Look. I like this project. I didn’t think we’d make it this long, but I’m glad we’re still doing it. But this is not a job for me. I write this stuff mostly to be funny, or at least entertaining. Occasionally a topic really interests me and then I do the research, but not everything excites my curiosity. If this were my job, it would be different. I’d be answering questions, or hopefully, helping people learn how to answer their own questions. But I’m only willing to put a certain amount of time into these essays – like a maximum of an hour – because I have a lot of research and reading to do that is unrelated.

Getting my master’s degree and starting out my career in England has handicapped me. I am not saying I am unqualified to work in this country because that is absolutely not true. But librarianship is practical career and it involves a lot of different skills, most of which are honed on the job. So, while I don’t have a job, I’m spending a lot of time trying to figure out the American way – the American vocabulary, the American resources. I’ve taken classes since I got back, and spent a lot of time reading professional literature.  I’m not trying to hint that I am an intellectual pioneer, self-training for the job I eventually hope to land. I wouldn’t be getting anywhere at all without the wealth of information and advice available to unemployed librarians concerned with keeping their skills up-to-date. There are a lot of us, working while unemployed. This website is the thing I do when I’m either reflecting on it, or I want a break from it.

Especially when I realize that the thing that would help me the most, I haven’t done.
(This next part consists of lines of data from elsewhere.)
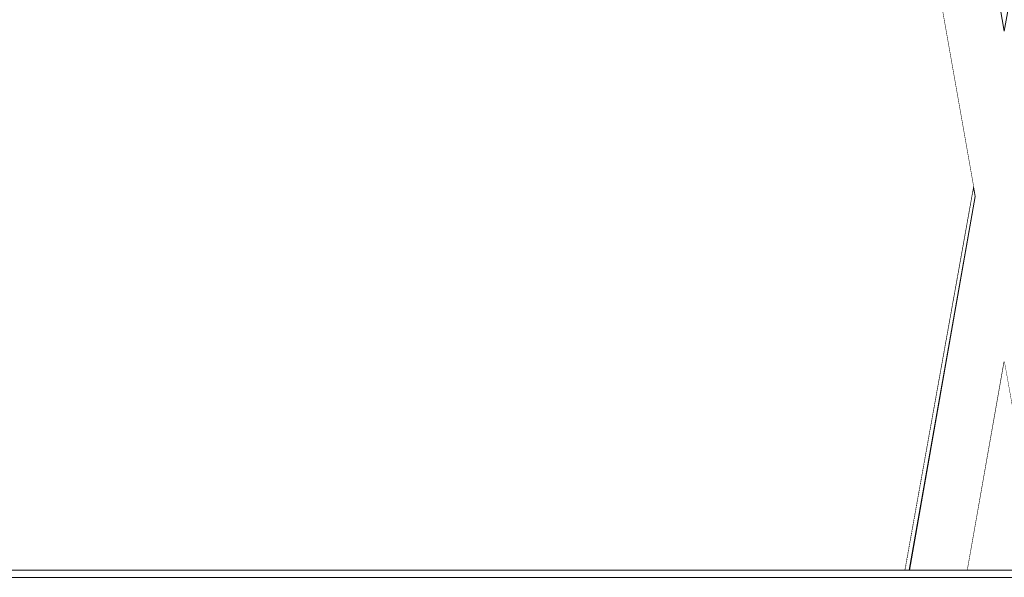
# Model space of a CAD drawing. Header units: millimetres. Extents: x -30280 to 309309, y -17460 to 4378.
# Tile 991 of 1056: x 284536 to 284810, y -13460 to -13305. Entities that reach past the tile are written whole.
import ezdxf

# ---------------------------------------------------------------- set-up
doc = ezdxf.new("R2010")
doc.units = ezdxf.units.MM
doc.header["$MEASUREMENT"] = 0
doc.linetypes.add('Wipeout_Contour', pattern=[1000, 0, -1000])
for name, color, linetype in [('Nuevo_08_E_Envans secs', 7, 'Continuous'), ('Nuevo_09_EI_Mobiliari general', 7, 'Continuous'), ('Nuevo_14_PAV_Soft Light Grey 0554', 7, 'Continuous')]:
    doc.layers.add(name, color=color, linetype=linetype)
doc.layers.add('Nuevo_09_EI_Mobiliari general_Pluma_Nº__1', color=7, linetype='Continuous', lineweight=5)
doc.layers.add('Nuevo_14_PAV_Soft Light Grey 0554_Pluma_Nº__29', color=7, linetype='Continuous', lineweight=20)

# ---------------------------------------------------------------- blocks, each defined once
blk = doc.blocks.new('Elem Sección_751_7', base_point=(301400.27, -13459.98))
at = {"color": 254, "linetype": 'Wipeout_Contour', "lineweight": 0, "ltscale": 1425682.265566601}
blk.add_wipeout([(284810.47, -13303.79), (284810.47, -13306.07), (284830, -13197), (284852.67, -13068.42), (284852.62, -13068.38)], dxfattribs=at).dxf.layer = 'Nuevo_09_EI_Mobiliari general'
at = {"color": 254, "linetype": 'Wipeout_Contour', "lineweight": 0, "ltscale": 1140430.515136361}
blk.add_wipeout([(284801.85, -13351), (284782.7, -13457.98), (284782.86, -13457.98), (284801.93, -13351.47)], dxfattribs=at).dxf.layer = 'Nuevo_09_EI_Mobiliari general'
at = {"color": 254, "linetype": 'Wipeout_Contour', "lineweight": 0, "ltscale": 855378.410016}
blk.add_wipeout([(284830, -13197), (284810.47, -13306.07), (284810.47, -13307.75)], dxfattribs=at).dxf.layer = 'Nuevo_09_EI_Mobiliari general'
at = {"color": 254, "linetype": 'Wipeout_Contour', "lineweight": 0, "ltscale": 1140431.444205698}
blk.add_wipeout([(284782.86, -13457.98), (284783.27, -13457.98), (284802.14, -13352.62), (284801.93, -13351.47)], dxfattribs=at).dxf.layer = 'Nuevo_09_EI_Mobiliari general'
at = {"color": 254, "linetype": 'Wipeout_Contour', "lineweight": 0, "ltscale": 1140575.05183699}
blk.add_wipeout([(284810.47, -13353.82), (284867.06, -13032.9), (284865.69, -13032.66), (284810.47, -13345.82)], dxfattribs=at).dxf.layer = 'Nuevo_09_EI_Mobiliari general'
at = {"color": 254, "linetype": 'Wipeout_Contour', "lineweight": 0, "ltscale": 1425538.445866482}
blk.add_wipeout([(284802.14, -13352.62), (284783.27, -13457.98), (284783.91, -13457.98), (284788.66, -13431.45), (284802.35, -13353.82)], dxfattribs=at).dxf.layer = 'Nuevo_09_EI_Mobiliari general'
at = {"color": 254, "linetype": 'Wipeout_Contour', "lineweight": 0, "ltscale": 1140463.71159405}
blk.add_wipeout([(284809.06, -13353.82), (284790.69, -13457.98), (284792.1, -13457.98), (284810.47, -13353.82)], dxfattribs=at).dxf.layer = 'Nuevo_09_EI_Mobiliari general'
at = {"color": 254, "linetype": 'Wipeout_Contour', "lineweight": 0, "ltscale": 855309.239291}
blk.add_wipeout([(284788.66, -13431.45), (284783.91, -13457.98), (284783.98, -13457.98)], dxfattribs=at).dxf.layer = 'Nuevo_09_EI_Mobiliari general'
at = {"color": 254, "linetype": 'Wipeout_Contour', "lineweight": 0, "ltscale": 1140579.5670954}
blk.add_wipeout([(284811.88, -13353.82), (284868.43, -13033.14), (284867.06, -13032.9), (284810.47, -13353.82)], dxfattribs=at).dxf.layer = 'Nuevo_09_EI_Mobiliari general'
at = {"color": 254, "linetype": 'Wipeout_Contour', "lineweight": 0, "ltscale": 1140556.761153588}
blk.add_wipeout([(284810.47, -13307.75), (284810.47, -13308.45), (284859.3, -13031.53), (284859.18, -13031.51)], dxfattribs=at).dxf.layer = 'Nuevo_09_EI_Mobiliari general'
at = {"color": 254, "linetype": 'Wipeout_Contour', "lineweight": 0, "ltscale": 1140468.240464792}
blk.add_wipeout([(284810.47, -13353.82), (284792.1, -13457.98), (284793.52, -13457.98), (284810.47, -13361.82)], dxfattribs=at).dxf.layer = 'Nuevo_09_EI_Mobiliari general'
at = {"color": 254, "linetype": 'Wipeout_Contour', "lineweight": 0, "ltscale": 1140557.373860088}
blk.add_wipeout([(284810.47, -13308.45), (284810.47, -13310.53), (284859.65, -13031.59), (284859.3, -13031.53)], dxfattribs=at).dxf.layer = 'Nuevo_09_EI_Mobiliari general'
at = {"color": 254, "linetype": 'Wipeout_Contour', "lineweight": 0, "ltscale": 1140471.750440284}
blk.add_wipeout([(284810.47, -13361.82), (284793.52, -13457.98), (284794.88, -13457.98), (284810.47, -13369.58)], dxfattribs=at).dxf.layer = 'Nuevo_09_EI_Mobiliari general'
at = {"color": 254, "linetype": 'Wipeout_Contour', "lineweight": 0, "ltscale": 1140558.575952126}
blk.add_wipeout([(284810.47, -13310.53), (284810.47, -13313.92), (284860.23, -13031.69), (284859.65, -13031.59)], dxfattribs=at).dxf.layer = 'Nuevo_09_EI_Mobiliari general'
at = {"color": 254, "linetype": 'Wipeout_Contour', "lineweight": 0, "ltscale": 1140475.10198406}
blk.add_wipeout([(284794.88, -13457.98), (284796.17, -13457.98), (284810.47, -13376.85), (284810.47, -13369.58)], dxfattribs=at).dxf.layer = 'Nuevo_09_EI_Mobiliari general'
at = {"color": 254, "linetype": 'Wipeout_Contour', "lineweight": 0, "ltscale": 1140560.330955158}
blk.add_wipeout([(284810.47, -13313.92), (284810.47, -13318.53), (284861.02, -13031.83), (284860.23, -13031.69)], dxfattribs=at).dxf.layer = 'Nuevo_09_EI_Mobiliari general'
at = {"color": 254, "linetype": 'Wipeout_Contour', "lineweight": 0, "ltscale": 1140478.1937735}
blk.add_wipeout([(284810.47, -13376.85), (284796.17, -13457.98), (284797.33, -13457.98), (284810.47, -13383.43)], dxfattribs=at).dxf.layer = 'Nuevo_09_EI_Mobiliari general'
at = {"color": 254, "linetype": 'Wipeout_Contour', "lineweight": 0, "ltscale": 1140562.585596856}
blk.add_wipeout([(284810.47, -13324.21), (284861.99, -13032.01), (284861.02, -13031.83), (284810.47, -13318.53)], dxfattribs=at).dxf.layer = 'Nuevo_09_EI_Mobiliari general'
at = {"color": 254, "linetype": 'Wipeout_Contour', "lineweight": 0, "ltscale": 1140480.932536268}
blk.add_wipeout([(284810.47, -13383.43), (284797.33, -13457.98), (284798.33, -13457.98), (284810.47, -13389.11)], dxfattribs=at).dxf.layer = 'Nuevo_09_EI_Mobiliari general'
at = {"color": 254, "linetype": 'Wipeout_Contour', "lineweight": 0, "ltscale": 1140565.271517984}
blk.add_wipeout([(284810.47, -13330.78), (284863.12, -13032.2), (284861.99, -13032.01), (284810.47, -13324.21)], dxfattribs=at).dxf.layer = 'Nuevo_09_EI_Mobiliari general'
at = {"color": 254, "linetype": 'Wipeout_Contour', "lineweight": 0, "ltscale": 1140483.235774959}
blk.add_wipeout([(284810.47, -13389.11), (284798.33, -13457.98), (284799.14, -13457.98), (284810.47, -13393.72)], dxfattribs=at).dxf.layer = 'Nuevo_09_EI_Mobiliari general'
at = {"color": 254, "linetype": 'Wipeout_Contour', "lineweight": 0, "ltscale": 1140568.307231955}
blk.add_wipeout([(284810.47, -13338.06), (284864.36, -13032.42), (284863.12, -13032.2), (284810.47, -13330.78)], dxfattribs=at).dxf.layer = 'Nuevo_09_EI_Mobiliari general'
at = {"color": 254, "linetype": 'Wipeout_Contour', "lineweight": 0, "ltscale": 1140485.033974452}
blk.add_wipeout([(284810.47, -13393.72), (284799.14, -13457.98), (284799.74, -13457.98), (284810.47, -13397.11)], dxfattribs=at).dxf.layer = 'Nuevo_09_EI_Mobiliari general'
at = {"color": 254, "linetype": 'Wipeout_Contour', "lineweight": 0, "ltscale": 1140571.600658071}
blk.add_wipeout([(284810.47, -13338.06), (284810.47, -13345.82), (284865.69, -13032.66), (284864.36, -13032.42)], dxfattribs=at).dxf.layer = 'Nuevo_09_EI_Mobiliari general'
at = {"color": 254, "linetype": 'Wipeout_Contour', "lineweight": 0, "ltscale": 1140486.272672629}
blk.add_wipeout([(284810.47, -13397.11), (284799.74, -13457.98), (284800.1, -13457.98), (284810.47, -13399.19)], dxfattribs=at).dxf.layer = 'Nuevo_09_EI_Mobiliari general'
at = {"layer": 'Nuevo_09_EI_Mobiliari general_Pluma_Nº__1', "color": 7, "linetype": 'Continuous', "lineweight": 5}
blk.add_line((284810.47, -13307.75), (284859.18, -13031.51), dxfattribs=at)
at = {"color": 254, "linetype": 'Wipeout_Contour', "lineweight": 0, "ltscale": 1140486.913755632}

I should be volunteering in a library. But I really thought that at any moment I might find a job and I didn’t want to let anyone down by suddenly quitting. Which was not a concern I had when starting this project – although it is now.

Anyway, another reason writing this essay isn’t like a job: I’m actually writing this in the middle of the night, in the middle of my bed, wearing the nightgown I tried to dress Milo in earlier today. I wish I had been able to video him running up the stairs while the little dress slid further down with each step. By the time he reached the top, it was just hanging off his tail. You probably had to be there.  

Milo wishes he wasn't there.


PS: Mills College is named after its founders, Cyrus and Susan Mills. Susan became as president of the college in 1890 and served for 19 years.  I knew this already. I’m guessing what my mom actually meant to say was that Mills was the first women’s college established west of the Rockies, and is the second oldest women’s college still in existence.

PPS: Mom has clarified to say that she meant Aureilia Henry Reinhardt (Mills President 1916 – 1943) was the first female president.  But as we’ve already established, that is wrong too.